You will find a very complete post on restoring 022 switches at
http://cs.trains.com/ctt/f/95/t/164691.aspx


----------



## Rich (Dec 14, 2013)

*Comments regarding repairing of 022 switches*

I whole heartily agree with your comments that in an ideal world it is best to try to restore the switch to it's original function. I have purchased at train shows about 20 switches of which over 1/2 did not work properly due to switch malfunctions. In some cases cleaning the contacts (yup, wd40 works fine) and that solved the issues. In other cases where the contacts have gone so far out of adjustment, it would have required a total rebuild, and at my age, the old tech hands are not as steady as they used to be, so I resolved to my suggested solution. Regarding shorting out the coil issue. The 1122 027 and the K line switches function the same as shorting out the switch I suggested, they seem to work just fine. The coil actually draws about 1.5 amps energized, and the magnet wire used, will handle that quite well. 
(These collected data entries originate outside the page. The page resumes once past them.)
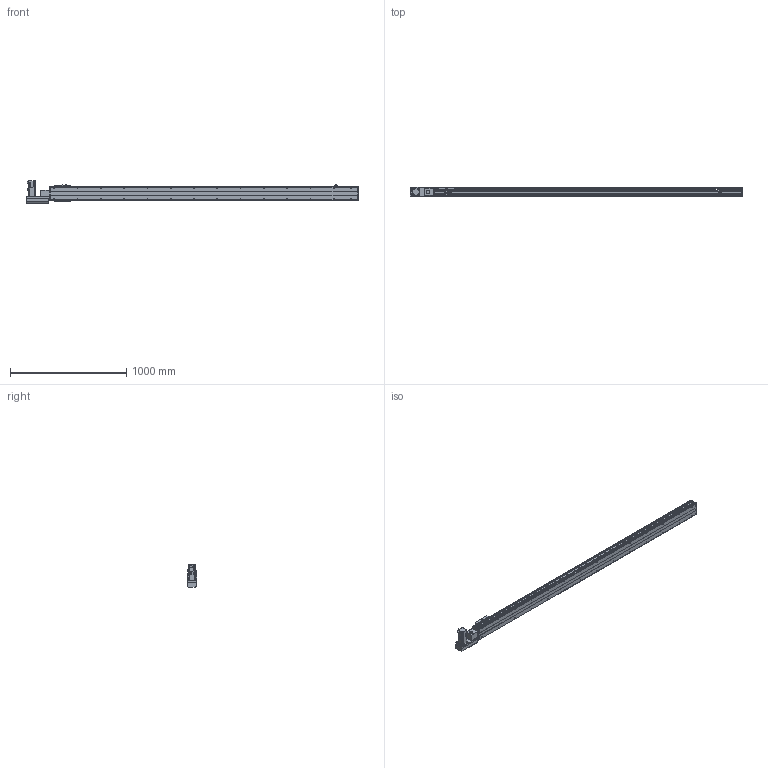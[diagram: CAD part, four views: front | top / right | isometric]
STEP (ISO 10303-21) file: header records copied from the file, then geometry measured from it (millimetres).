
FILE_DESCRIPTION(/* description */ ('STEP AP214'),/* implementation_level */ '2;1');
FILE_NAME(/* name */ 'PBS120-P40-S2350-L-T40-C1-N(0)',/* time_stamp */ '2022-06-05T02:28:52+02:00',/* author */ ('License CC BY-ND 4.0'),/* organization */ ('CADENAS'),/* preprocessor_version */ 'ST-DEVELOPER v18.102',/* originating_system */ 'PARTsolutions',/* authorisation */ ' ');
FILE_SCHEMA (('AUTOMOTIVE_DESIGN {1 0 10303 214 3 1 1}'));
Length unit declared in the file: millimetre
Products named in the file (7): PBS120-P40-S2350-L-T40-C1-N(0); PBS120_sensor; PBS120_plant; PBS120_sliser; T40-p1; PBS120T-L_motors; PBS120-S2350()_body
Assembly tree (8 placements, depth 2):
  PBS120-P40-S2350-L-T40-C1-N(0)
    PBS120_sensor  x3
    PBS120_plant
    PBS120_sliser
    T40-p1
    PBS120T-L_motors
    PBS120-S2350()_body
Bounding box: 2851 x 83 x 189.7 mm (x, y, z)
Volume: 10355480.7 mm3; surface area: 2133258.5 mm2
Topology: 8 solids, 8 shells, 864 faces, 2216 edges, 1423 vertices
Faces by surface type: plane 561, cylinder 241, cone 60, torus 2
Full cylindrical faces by diameter (mm): 2.459 x6, 3.242 x4, 4 x2, 4.134 x4, 4.5 x10, 4.917 x32, 5.5 x11, 6 x2, 6.6 x1, 7 x2, 8.5 x4, 9 x4, 12 x1, 14 x1, 30 x2, 40 x1, 50 x2
Entity records: 22314 total; most frequent: DIRECTION 3884, CARTESIAN_POINT 3785, ORIENTED_EDGE 3574, EDGE_CURVE 1787, AXIS2_PLACEMENT_3D 1328, VERTEX_POINT 1229, LINE 1228, VECTOR 1228
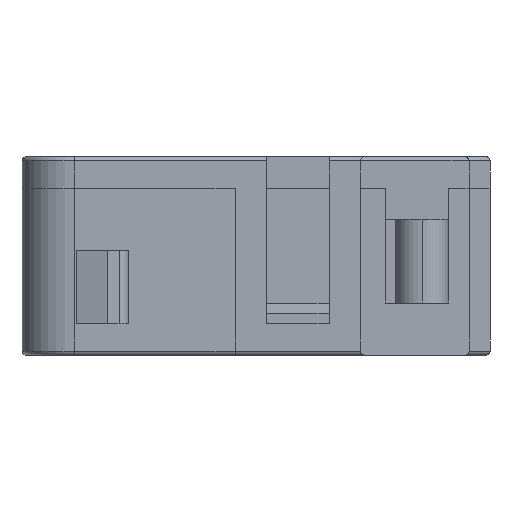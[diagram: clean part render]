
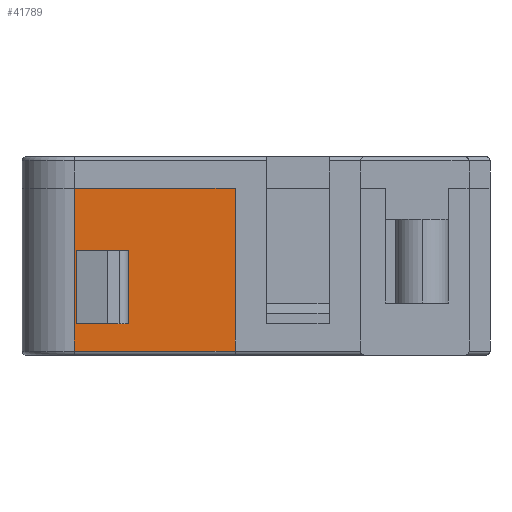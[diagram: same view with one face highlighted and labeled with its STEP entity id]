
A CAD part, front view. The second image highlights one B-rep face of the part: STEP entity #41789.
In plain terms, the highlighted planar face has unit normal (0, -1, 0).
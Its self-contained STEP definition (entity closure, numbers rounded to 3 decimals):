
#914 = CARTESIAN_POINT ( 'NONE',  ( -3.468, -14.01, -1.3 ) ) ;
#2662 = VECTOR ( 'NONE', #33392, 1000. ) ;
#3022 = ORIENTED_EDGE ( 'NONE', *, *, #7301, .F. ) ;
#3348 = DIRECTION ( 'NONE',  ( 1., 0., 0. ) ) ;
#4474 = EDGE_CURVE ( 'NONE', #28668, #34468, #8729, .T. ) ;
#5391 = CARTESIAN_POINT ( 'NONE',  ( -2.368, -14.01, 3.5 ) ) ;
#5828 = VECTOR ( 'NONE', #41398, 1000. ) ;
#5929 = CARTESIAN_POINT ( 'NONE',  ( -2.368, -14.01, 0. ) ) ;
#6039 = EDGE_CURVE ( 'NONE', #34468, #33833, #34995, .T. ) ;
#6107 = CARTESIAN_POINT ( 'NONE',  ( -0.868, -14.01, 3.5 ) ) ;
#6134 = EDGE_CURVE ( 'NONE', #39399, #33833, #27229, .T. ) ;
#7301 = EDGE_CURVE ( 'NONE', #27002, #22217, #26766, .T. ) ;
#8729 = LINE ( 'NONE', #40684, #44880 ) ;
#9212 = DIRECTION ( 'NONE',  ( 0., 0., -1. ) ) ;
#9492 = CARTESIAN_POINT ( 'NONE',  ( -0.868, -14.01, 3.5 ) ) ;
#10933 = ORIENTED_EDGE ( 'NONE', *, *, #6134, .F. ) ;
#12526 = CARTESIAN_POINT ( 'NONE',  ( -3.468, -14.01, 6.5 ) ) ;
#12577 = LINE ( 'NONE', #39157, #40723 ) ;
#12896 = VERTEX_POINT ( 'NONE', #9492 ) ;
#13094 = CARTESIAN_POINT ( 'NONE',  ( -2.368, -14.01, 3.5 ) ) ;
#13315 = LINE ( 'NONE', #12526, #5828 ) ;
#13542 = CARTESIAN_POINT ( 'NONE',  ( -5.968, -14.01, 6.5 ) ) ;
#14098 = EDGE_LOOP ( 'NONE', ( #35953, #43149, #37950, #3022 ) ) ;
#14203 = CARTESIAN_POINT ( 'NONE',  ( -0.868, -14.01, 3.5 ) ) ;
#14339 = PLANE ( 'NONE',  #17584 ) ;
#14782 = EDGE_LOOP ( 'NONE', ( #18152, #20715, #37152, #10933 ) ) ;
#16478 = LINE ( 'NONE', #14203, #2662 ) ;
#17534 = CARTESIAN_POINT ( 'NONE',  ( -3.468, -14.01, 6.5 ) ) ;
#17584 = AXIS2_PLACEMENT_3D ( 'NONE', #44763, #40923, #31818 ) ;
#18152 = ORIENTED_EDGE ( 'NONE', *, *, #30644, .T. ) ;
#18632 = DIRECTION ( 'NONE',  ( -1., 0., 0. ) ) ;
#20715 = ORIENTED_EDGE ( 'NONE', *, *, #4474, .T. ) ;
#22217 = VERTEX_POINT ( 'NONE', #5929 ) ;
#22912 = VECTOR ( 'NONE', #25130, 1000. ) ;
#24933 = FACE_BOUND ( 'NONE', #14098, .T. ) ;
#25130 = DIRECTION ( 'NONE',  ( 0., 0., 1. ) ) ;
#26766 = LINE ( 'NONE', #13094, #43892 ) ;
#27002 = VERTEX_POINT ( 'NONE', #5391 ) ;
#27229 = LINE ( 'NONE', #13542, #29722 ) ;
#28668 = VERTEX_POINT ( 'NONE', #914 ) ;
#29722 = VECTOR ( 'NONE', #30257, 1000. ) ;
#30215 = CARTESIAN_POINT ( 'NONE',  ( 4.232, -14.01, -1.3 ) ) ;
#30257 = DIRECTION ( 'NONE',  ( 1., 0., 0. ) ) ;
#30644 = EDGE_CURVE ( 'NONE', #39399, #28668, #13315, .T. ) ;
#30833 = CARTESIAN_POINT ( 'NONE',  ( 4.232, -14.01, 6.5 ) ) ;
#31818 = DIRECTION ( 'NONE',  ( 0., 0., 1. ) ) ;
#32033 = LINE ( 'NONE', #6107, #34974 ) ;
#32618 = EDGE_CURVE ( 'NONE', #38969, #22217, #12577, .T. ) ;
#33392 = DIRECTION ( 'NONE',  ( -1., 0., 0. ) ) ;
#33833 = VERTEX_POINT ( 'NONE', #30833 ) ;
#34468 = VERTEX_POINT ( 'NONE', #30215 ) ;
#34974 = VECTOR ( 'NONE', #9212, 1000. ) ;
#34995 = LINE ( 'NONE', #43376, #22912 ) ;
#35953 = ORIENTED_EDGE ( 'NONE', *, *, #46091, .F. ) ;
#37152 = ORIENTED_EDGE ( 'NONE', *, *, #6039, .T. ) ;
#37950 = ORIENTED_EDGE ( 'NONE', *, *, #32618, .T. ) ;
#38969 = VERTEX_POINT ( 'NONE', #46227 ) ;
#39157 = CARTESIAN_POINT ( 'NONE',  ( -0.868, -14.01, 0. ) ) ;
#39399 = VERTEX_POINT ( 'NONE', #17534 ) ;
#40684 = CARTESIAN_POINT ( 'NONE',  ( -5.968, -14.01, -1.3 ) ) ;
#40723 = VECTOR ( 'NONE', #18632, 1000. ) ;
#40923 = DIRECTION ( 'NONE',  ( 0., 1., 0. ) ) ;
#41398 = DIRECTION ( 'NONE',  ( 0., 0., -1. ) ) ;
#41789 = ADVANCED_FACE ( 'NONE', ( #45514, #24933 ), #14339, .F. ) ;
#42312 = EDGE_CURVE ( 'NONE', #12896, #38969, #32033, .T. ) ;
#42737 = DIRECTION ( 'NONE',  ( 0., 0., -1. ) ) ;
#43149 = ORIENTED_EDGE ( 'NONE', *, *, #42312, .T. ) ;
#43376 = CARTESIAN_POINT ( 'NONE',  ( 4.232, -14.01, -1.5 ) ) ;
#43892 = VECTOR ( 'NONE', #42737, 1000. ) ;
#44763 = CARTESIAN_POINT ( 'NONE',  ( -5.968, -14.01, 6.5 ) ) ;
#44880 = VECTOR ( 'NONE', #3348, 1000. ) ;
#45514 = FACE_OUTER_BOUND ( 'NONE', #14782, .T. ) ;
#46091 = EDGE_CURVE ( 'NONE', #12896, #27002, #16478, .T. ) ;
#46227 = CARTESIAN_POINT ( 'NONE',  ( -0.868, -14.01, 0. ) ) ;

Your suggestion of soldering the contacts on the bottom of the switches is excellent, but not for an inexperienced solderer. To much heat or too much solder and the you will short out the rail to ground. Another suggestion would be to solder a 22 gauge or so wire right on the switching rail and route into the switching assembly. 

Regarding the blue butt connector you are also correct re the smaller size of the newer switch (2.5 mm actually) but there seems to be enough pressure from the switching contacts to make it work ok, or if you wish a gentle squish with a long nose pliers will also work fine. Please do not misunderstand, I absolutely agree if you can repair the original design, absolutely do it. But the solution I suggested is intended to be an alternative to an expensive repair, or throwing the damaged switch out. Thanks so much for your very knowledgeable response. 
ps If you are going to be doing this kind of work may I suggest you invest in a used Fluke 73 meter off of ebay? The harbor Freight variety just are not stable enough, and do not have the diode function, along with a good quality continuity testor.


----------



## servoguy (Jul 10, 2010)

I have a couple of Fluke meters and an old Mercer meter in addition to several of the ones from Harbor Freight. I graduated from engineering school 50 years ago with a BS math and an MSEE, so fixing things like 022 switches isn't difficult for me. I have never referenced a repair manual to fix my trains since I got my first one in 1950, and only once have I taken anything to a hobby shop to be repaired. This was to get a wheel replaced that had become loose. It was about 1955. 

The newer switches will not accept a blue crimp connector. The pin on the older switches has two saw cuts at 90 deg to each other. The new switches have a single saw cut, and so the pin is ever so slightly larger.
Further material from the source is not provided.